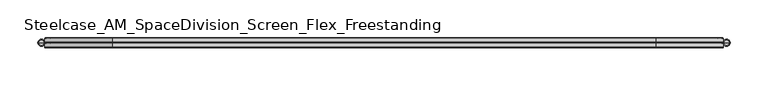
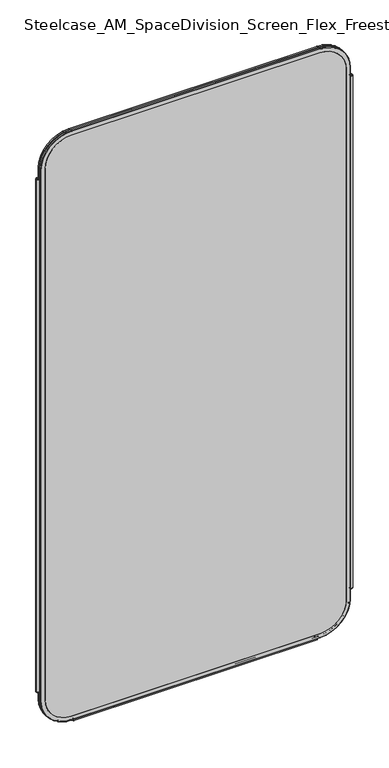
"""IFC4 building model written with IfcOpenShell, lengths in millimetres: furniture geometry, Steelcase_AM_SpaceDivision_Screen_Flex_Freestanding : 71H x 36W."""

from ifc_helpers import new_model, si_unit, point, frame, frame_2d, origin, place, context, project, spatial, polyline, circle_curve, ellipse_curve, trimmed, segment, composite_curve, outline, extrude, source, transform, mapped, element, save
from ifc_brep_helpers import plane_surface, cylinder_surface, revolved_surface, advanced_brep


def steelcase_am_spacedivision_screen_flex_freestanding_69d37450(model_context):
    return source(origin(), model_context, "Body", "SolidModel", [
        advanced_brep(
        [(913.13, 0.0, 1687.83), (906.5294661, 0.0, 1687.83), (909.829733, 0.0, 1687.83), (914.4, 0.0, 1686.56), (905.2594661, 0.0, 1686.56), (914.4, 0.0, 121.92), (905.2594661, 0.0, 121.92), (913.13, 0.0, 120.65), (906.5294661, 0.0, 120.65), (909.829733, 0.0, 120.65)],
        [
            (0, 1, circle_curve(frame((909.829733, 0.0, 1687.83), z_axis=(0.0, 0.0, 1.0), x_axis=(-1.0, 0.0, 0.0)), 3.300267)),
            (1, 2),
            (2, 0),
            (1, 0, circle_curve(frame((909.829733, 0.0, 1687.83), z_axis=(0.0, 0.0, 1.0), x_axis=(-1.0, 0.0, 0.0)), 3.300267)),
            (3, 4, circle_curve(frame((909.829733, 0.0, 1686.56), z_axis=(0.0, 0.0, 1.0), x_axis=(-1.0, 0.0, 0.0)), 4.570267)),
            (4, 1, circle_curve(frame((906.5294661, 0.0, 1686.56), z_axis=(0.0, 1.0, 0.0), x_axis=(1.0, 0.0, 0.0)), 1.27)),
            (0, 3, circle_curve(frame((913.13, 0.0, 1686.56), z_axis=(0.0, 1.0, 0.0), x_axis=(-1.0, 0.0, 0.0)), 1.27)),
            (4, 3, circle_curve(frame((909.829733, 0.0, 1686.56), z_axis=(0.0, 0.0, 1.0), x_axis=(-1.0, 0.0, 0.0)), 4.570267)),
            (5, 6, circle_curve(frame((909.829733, 0.0, 121.92), z_axis=(0.0, 0.0, 1.0), x_axis=(-1.0, 0.0, 0.0)), 4.570267)),
            (6, 4),
            (3, 5),
            (6, 5, circle_curve(frame((909.829733, 0.0, 121.92), z_axis=(0.0, 0.0, 1.0), x_axis=(-1.0, 0.0, 0.0)), 4.570267)),
            (7, 8, circle_curve(frame((909.829733, 0.0, 120.65), z_axis=(0.0, 0.0, 1.0), x_axis=(-1.0, 0.0, 0.0)), 3.300267)),
            (8, 6, circle_curve(frame((906.5294661, 0.0, 121.92), z_axis=(0.0, 1.0, 0.0), x_axis=(1.0, 0.0, 0.0)), 1.27)),
            (5, 7, circle_curve(frame((913.13, 0.0, 121.92), z_axis=(0.0, 1.0, 0.0), x_axis=(-1.0, 0.0, 0.0)), 1.27)),
            (8, 7, circle_curve(frame((909.829733, 0.0, 120.65), z_axis=(0.0, 0.0, 1.0), x_axis=(-1.0, 0.0, 0.0)), 3.300267)),
            (9, 8),
            (7, 9),
        ],
        [
            plane_surface(frame((909.829733, 0.0, 1687.83), z_axis=(0.0, 0.0, 1.0), x_axis=(-1.0, 0.0, 0.0))),
            revolved_surface(trimmed(ellipse_curve(frame((906.5294661, 0.0, 1686.56), z_axis=(0.0, -1.0, 0.0), x_axis=(1.0, 0.0, 0.0)), 1.27, 1.27), [point((906.5294661, 0.0, 1687.83))], [point((905.2594661, 0.0, 1686.56))], True, "CARTESIAN"), (909.829733, 0.0, 112.3021634), (0.0, 0.0, -1.0)),
            cylinder_surface(frame((909.829733, 0.0, 112.3021634), z_axis=(0.0, 0.0, -1.0), x_axis=(-1.0, 0.0, 0.0)), 4.570267),
            revolved_surface(trimmed(ellipse_curve(frame((906.5294661, 0.0, 121.92), z_axis=(0.0, -1.0, 0.0), x_axis=(1.0, 0.0, 0.0)), 1.27, 1.27), [point((905.2594661, 0.0, 121.92))], [point((906.5294661, 0.0, 120.65))], True, "CARTESIAN"), (909.829733, 0.0, 112.3021634), (0.0, 0.0, -1.0)),
            plane_surface(frame((909.829733, 0.0, 120.65), z_axis=(0.0, 0.0, -1.0), x_axis=(-1.0, 0.0, 0.0))),
        ],
        [
            (0, [[1, 2, 3]]),
            (0, [[4, -3, -2]]),
            (1, [[5, 6, -1, 7]]),
            (1, [[8, -7, -4, -6]]),
            (2, [[9, 10, -5, 11]]),
            (2, [[12, -11, -8, -10]]),
            (3, [[13, 14, -9, 15]]),
            (3, [[16, -15, -12, -14]]),
            (4, [[17, -13, 18]]),
            (4, [[-18, -16, -17]]),
        ],
    ),
        advanced_brep(
        [(7.9329041, 0.0, 120.65), (1.232448, 0.0, 120.65), (0.0, 0.0, 121.882448), (9.1653521, 0.0, 121.882448), (4.582676, 0.0, 120.65), (7.8953521, 0.0, 1687.83), (1.27, 0.0, 1687.83), (4.582676, 0.0, 1687.83), (9.1653521, 0.0, 1686.56), (0.0, 0.0, 1686.56)],
        [
            (0, 1, circle_curve(frame((4.582676, 0.0, 120.65), z_axis=(0.0, 0.0, 1.0), x_axis=(-1.0, 0.0, 0.0)), 3.3502281)),
            (1, 2, circle_curve(frame((1.232448, 0.0, 121.882448), z_axis=(0.0, 1.0, 0.0), x_axis=(1.0, 0.0, 0.0)), 1.232448)),
            (2, 3, circle_curve(frame((4.582676, 0.0, 121.882448), z_axis=(0.0, 0.0, -1.0), x_axis=(-1.0, 0.0, 0.0)), 4.582676)),
            (3, 0, circle_curve(frame((7.9329041, 0.0, 121.882448), z_axis=(0.0, 1.0, 0.0), x_axis=(-1.0, 0.0, 0.0)), 1.232448)),
            (1, 0, circle_curve(frame((4.582676, 0.0, 120.65), z_axis=(0.0, 0.0, 1.0), x_axis=(-1.0, 0.0, 0.0)), 3.3502281)),
            (3, 2, circle_curve(frame((4.582676, 0.0, 121.882448), z_axis=(0.0, 0.0, -1.0), x_axis=(-1.0, 0.0, 0.0)), 4.582676)),
            (4, 1),
            (0, 4),
            (5, 6, circle_curve(frame((4.582676, 0.0, 1687.83), z_axis=(0.0, 0.0, 1.0), x_axis=(-1.0, 0.0, 0.0)), 3.312676)),
            (6, 7),
            (7, 5),
            (6, 5, circle_curve(frame((4.582676, 0.0, 1687.83), z_axis=(0.0, 0.0, 1.0), x_axis=(-1.0, 0.0, 0.0)), 3.312676)),
            (8, 9, circle_curve(frame((4.582676, 0.0, 1686.56), z_axis=(0.0, 0.0, 1.0), x_axis=(-1.0, 0.0, 0.0)), 4.582676)),
            (9, 6, circle_curve(frame((1.27, 0.0, 1686.56), z_axis=(0.0, 1.0, 0.0), x_axis=(1.0, 0.0, 0.0)), 1.27)),
            (5, 8, circle_curve(frame((7.8953521, 0.0, 1686.56), z_axis=(0.0, 1.0, 0.0), x_axis=(-1.0, 0.0, 0.0)), 1.27)),
            (9, 8, circle_curve(frame((4.582676, 0.0, 1686.56), z_axis=(0.0, 0.0, 1.0), x_axis=(-1.0, 0.0, 0.0)), 4.582676)),
            (2, 9),
            (8, 3),
        ],
        [
            revolved_surface(trimmed(ellipse_curve(frame((1.232448, 0.0, 121.882448), z_axis=(0.0, -1.0, 0.0), x_axis=(1.0, 0.0, 0.0)), 1.232448, 1.232448), [point((0.0, 0.0, 121.882448))], [point((1.232448, 0.0, 120.65))], True, "CARTESIAN"), (4.582676, 0.0, 110.6453157), (0.0, 0.0, -1.0)),
            plane_surface(frame((4.582676, 0.0, 120.65), z_axis=(0.0, 0.0, -1.0), x_axis=(-1.0, 0.0, 0.0))),
            plane_surface(frame((4.582676, 0.0, 1687.83), z_axis=(0.0, 0.0, 1.0), x_axis=(-1.0, 0.0, 0.0))),
            revolved_surface(trimmed(ellipse_curve(frame((1.27, 0.0, 1686.56), z_axis=(0.0, -1.0, 0.0), x_axis=(1.0, 0.0, 0.0)), 1.27, 1.27), [point((1.27, 0.0, 1687.83))], [point((0.0, 0.0, 1686.56))], True, "CARTESIAN"), (4.582676, 0.0, 110.6453157), (0.0, 0.0, -1.0)),
            cylinder_surface(frame((4.582676, 0.0, 110.6453157), z_axis=(0.0, 0.0, -1.0), x_axis=(-1.0, 0.0, 0.0)), 4.582676),
        ],
        [
            (0, [[1, 2, 3, 4]]),
            (0, [[5, -4, 6, -2]]),
            (1, [[7, -1, 8]]),
            (1, [[-8, -5, -7]]),
            (2, [[9, 10, 11]]),
            (2, [[12, -11, -10]]),
            (3, [[13, 14, -9, 15]]),
            (3, [[16, -15, -12, -14]]),
            (4, [[-3, 17, -13, 18]]),
            (4, [[-6, -18, -16, -17]]),
        ],
    ),
        extrude(outline(composite_curve([segment(trimmed(circle_curve(frame_2d((3.5, 2.4751953)), 2.5), [point((3.5, 4.9751953))], [point((1.4656663, 1.0220998))], False, "CARTESIAN"), True, "CONTINUOUS"), segment(trimmed(circle_curve(frame_2d((0.0, -0.0248047)), 1.8011626), [point((1.4656663, 1.0220998))], [point((-1.4656663, 1.0220998))], True, "CARTESIAN"), True, "CONTINUOUS"), segment(trimmed(circle_curve(frame_2d((-3.5, 2.4751953)), 2.5), [point((-1.4656663, 1.0220998))], [point((-3.5, 4.9751953))], False, "CARTESIAN"), True, "CONTINUOUS"), segment(trimmed(circle_curve(frame_2d((-3.5, 4.4751953)), 0.5), [point((-3.5, 4.9751953))], [point((-3.5, 3.9751953))], False, "CARTESIAN"), True, "CONTINUOUS"), segment(trimmed(circle_curve(frame_2d((-3.5, 2.4751953)), 1.5), [point((-3.5, 3.9751953))], [point((-2.3025096, 1.5718589))], True, "CARTESIAN"), True, "CONTINUOUS"), segment(trimmed(circle_curve(frame_2d((-10.3325937, 7.629417)), 10.0586411), [point((-2.3025096, 1.5718589))], [point((-0.714976, 4.6836248))], True, "CARTESIAN"), True, "CONTINUOUS"), segment(trimmed(circle_curve(frame_2d((0.0, 4.4646339)), 0.7477618), [point((-0.714976, 4.6836248))], [point((0.714976, 4.6836248))], False, "CARTESIAN"), True, "CONTINUOUS"), segment(trimmed(circle_curve(frame_2d((10.3325937, 7.629417)), 10.0586411), [point((0.714976, 4.6836248))], [point((2.3025096, 1.5718589))], True, "CARTESIAN"), True, "CONTINUOUS"), segment(trimmed(circle_curve(frame_2d((3.5, 2.4751953)), 1.5), [point((2.3025096, 1.5718589))], [point((3.5, 3.9751953))], True, "CARTESIAN"), True, "CONTINUOUS"), segment(trimmed(circle_curve(frame_2d((3.5, 4.4751953)), 0.5), [point((3.5, 3.9751953))], [point((3.5, 4.9751953))], False, "CARTESIAN"), True, "CONTINUOUS")], self_intersect=False)), frame((104.1640108, 0.0, 0.0), z_axis=(1.0, 0.0, 0.0), x_axis=(0.0, 1.0, 0.0)), (0.0, 0.0, 1.0), 706.0719784),
        extrude(outline(composite_curve([segment(trimmed(circle_curve(frame_2d((1714.5, 816.3594661)), 76.2), [point((1714.5, 892.5594661))], [point((1790.7, 816.3594661))], False, "CARTESIAN"), True, "CONTINUOUS"), segment(polyline([(1790.7, 816.3594661), (1790.7, 98.0653521)]), True, "CONTINUOUS"), segment(trimmed(circle_curve(frame_2d((1714.5, 98.0653521)), 76.2), [point((1790.7, 98.0653521))], [point((1714.5, 21.8653521))], False, "CARTESIAN"), True, "CONTINUOUS"), segment(polyline([(1714.5, 21.8653521), (93.8996464, 21.8653521)]), True, "CONTINUOUS"), segment(trimmed(circle_curve(frame_2d((93.8996464, 98.0653521)), 76.2), [point((93.8996464, 21.8653521))], [point((17.6996464, 98.0653521))], False, "CARTESIAN"), True, "CONTINUOUS"), segment(polyline([(17.6996464, 98.0653521), (17.6996464, 816.3594661)]), True, "CONTINUOUS"), segment(trimmed(circle_curve(frame_2d((93.8996464, 816.3594661)), 76.2), [point((17.6996464, 816.3594661))], [point((93.8996464, 892.5594661))], False, "CARTESIAN"), True, "CONTINUOUS"), segment(polyline([(93.8996464, 892.5594661), (1714.5, 892.5594661)]), True, "CONTINUOUS")], self_intersect=False)), frame((0.0, -6.477, 0.0), z_axis=(0.0, 1.0, 0.0), x_axis=(0.0, 0.0, 1.0)), (0.0, 0.0, 1.0), 12.954),
        advanced_brep(
        [(98.0653521, -6.477, 1790.7), (21.8653521, -6.477, 1714.5), (21.8653521, 6.477, 1714.5), (98.0653521, 6.477, 1790.7), (98.0653521, -5.715, 1803.4), (9.1653521, -5.715, 1714.5), (9.9273521, -6.477, 1714.5), (98.0653521, -6.477, 1802.638), (98.0653521, -0.8129491, 1803.4), (9.1653521, -0.8129491, 1714.5), (98.0653521, 0.0, 1802.8093579), (9.7559942, 0.0, 1714.5), (98.0653521, 0.8129491, 1803.4), (9.1653521, 0.8129491, 1714.5), (98.0653521, 5.715, 1803.4), (9.1653521, 5.715, 1714.5), (98.0653521, 6.477, 1802.638), (9.9273521, 6.477, 1714.5), (816.3594661, 6.477, 1790.7), (816.3594661, -6.477, 1790.7), (816.3594661, -6.477, 1802.638), (816.3594661, -5.715, 1803.4), (816.3594661, -0.8129491, 1803.4), (816.3594661, 0.0, 1802.8093579), (816.3594661, 0.8129491, 1803.4), (816.3594661, 5.715, 1803.4), (816.3594661, 6.477, 1802.638), (892.5594661, -6.477, 1714.5), (892.5594661, 6.477, 1714.5), (905.2594661, -5.715, 1714.5), (904.4974661, -6.477, 1714.5), (905.2594661, -0.8129491, 1714.5), (904.6688239, 0.0, 1714.5), (905.2594661, 0.8129491, 1714.5), (905.2594661, 5.715, 1714.5), (904.4974661, 6.477, 1714.5), (892.5594661, 6.477, 93.8996464), (892.5594661, -6.477, 93.8996464), (904.4974661, -6.477, 93.8996464), (905.2594661, -5.715, 93.8996464), (905.2594661, -0.8129491, 93.8996464), (904.6688239, 0.0, 93.8996464), (905.2594661, 0.8129491, 93.8996464), (905.2594661, 5.715, 93.8996464), (904.4974661, 6.477, 93.8996464), (816.3594661, -6.477, 17.6996464), (816.3594661, 6.477, 17.6996464), (816.3594661, -5.715, 4.9996464), (816.3594661, -6.477, 5.7616464), (816.3594661, -0.8129491, 4.9996464), (816.3594661, 0.0, 5.5902885), (816.3594661, 0.8129491, 4.9996464), (816.3594661, 5.715, 4.9996464), (816.3594661, 6.477, 5.7616464), (98.0653521, 6.477, 17.6996464), (98.0653521, -6.477, 17.6996464), (98.0653521, -6.477, 5.7616464), (98.0653521, -5.715, 4.9996464), (98.0653521, -0.8129491, 4.9996464), (98.0653521, 0.0, 5.5902885), (98.0653521, 0.8129491, 4.9996464), (98.0653521, 5.715, 4.9996464), (98.0653521, 6.477, 5.7616464), (21.8653521, -6.477, 93.8996464), (21.8653521, 6.477, 93.8996464), (9.1653521, -5.715, 93.8996464), (9.9273521, -6.477, 93.8996464), (9.1653521, -0.8129491, 93.8996464), (9.7559942, 0.0, 93.8996464), (9.1653521, 0.8129491, 93.8996464), (9.1653521, 5.715, 93.8996464), (9.9273521, 6.477, 93.8996464)],
        [
            (0, 1, circle_curve(frame((98.0653521, -6.477, 1714.5), z_axis=(0.0, -1.0, 0.0), x_axis=(-1.0, 0.0, 0.0)), 76.2)),
            (1, 2),
            (2, 3, circle_curve(frame((98.0653521, 6.477, 1714.5), z_axis=(0.0, 1.0, 0.0), x_axis=(-1.0, 0.0, 0.0)), 76.2)),
            (3, 0),
            (4, 5, circle_curve(frame((98.0653521, -5.715, 1714.5), z_axis=(0.0, -1.0, 0.0), x_axis=(-1.0, 0.0, 0.0)), 88.9)),
            (5, 6, circle_curve(frame((9.9273521, -5.715, 1714.5), z_axis=(0.0, 0.0, 1.0), x_axis=(-1.0, 0.0, 0.0)), 0.762)),
            (6, 7, circle_curve(frame((98.0653521, -6.477, 1714.5), z_axis=(0.0, 1.0, 0.0), x_axis=(-1.0, 0.0, 0.0)), 88.138)),
            (7, 4, circle_curve(frame((98.0653521, -5.715, 1802.638), z_axis=(-1.0, 0.0, 0.0), x_axis=(0.0, 0.0, 1.0)), 0.762)),
            (8, 9, circle_curve(frame((98.0653521, -0.8129491, 1714.5), z_axis=(0.0, -1.0, 0.0), x_axis=(-1.0, 0.0, 0.0)), 88.9)),
            (9, 5),
            (4, 8),
            (10, 11, circle_curve(frame((98.0653521, 0.0, 1714.5), z_axis=(0.0, -1.0, 0.0), x_axis=(-1.0, 0.0, 0.0)), 88.3093579)),
            (11, 9, circle_curve(frame((10.0201374, -0.8129491, 1714.5), z_axis=(0.0, 0.0, 1.0), x_axis=(-1.0, 0.0, 0.0)), 0.8547853)),
            (8, 10, circle_curve(frame((98.0653521, -0.8129491, 1802.5452147), z_axis=(-1.0, 0.0, 0.0), x_axis=(0.0, 0.0, 1.0)), 0.8547853)),
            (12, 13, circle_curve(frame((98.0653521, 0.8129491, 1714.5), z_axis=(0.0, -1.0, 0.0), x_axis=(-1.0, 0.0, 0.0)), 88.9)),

EXERCISE AIM:
Filter the entries and copy out every line with the word "import".

EXERCISE ANSWER:
from ifc_helpers import new_model, si_unit, point, frame, frame_2d, origin, place, context, project, spatial, polyline, circle_curve, ellipse_curve, trimmed, segment, composite_curve, outline, extrude, source, transform, mapped, element, save
from ifc_brep_helpers import plane_surface, cylinder_surface, revolved_surface, advanced_brep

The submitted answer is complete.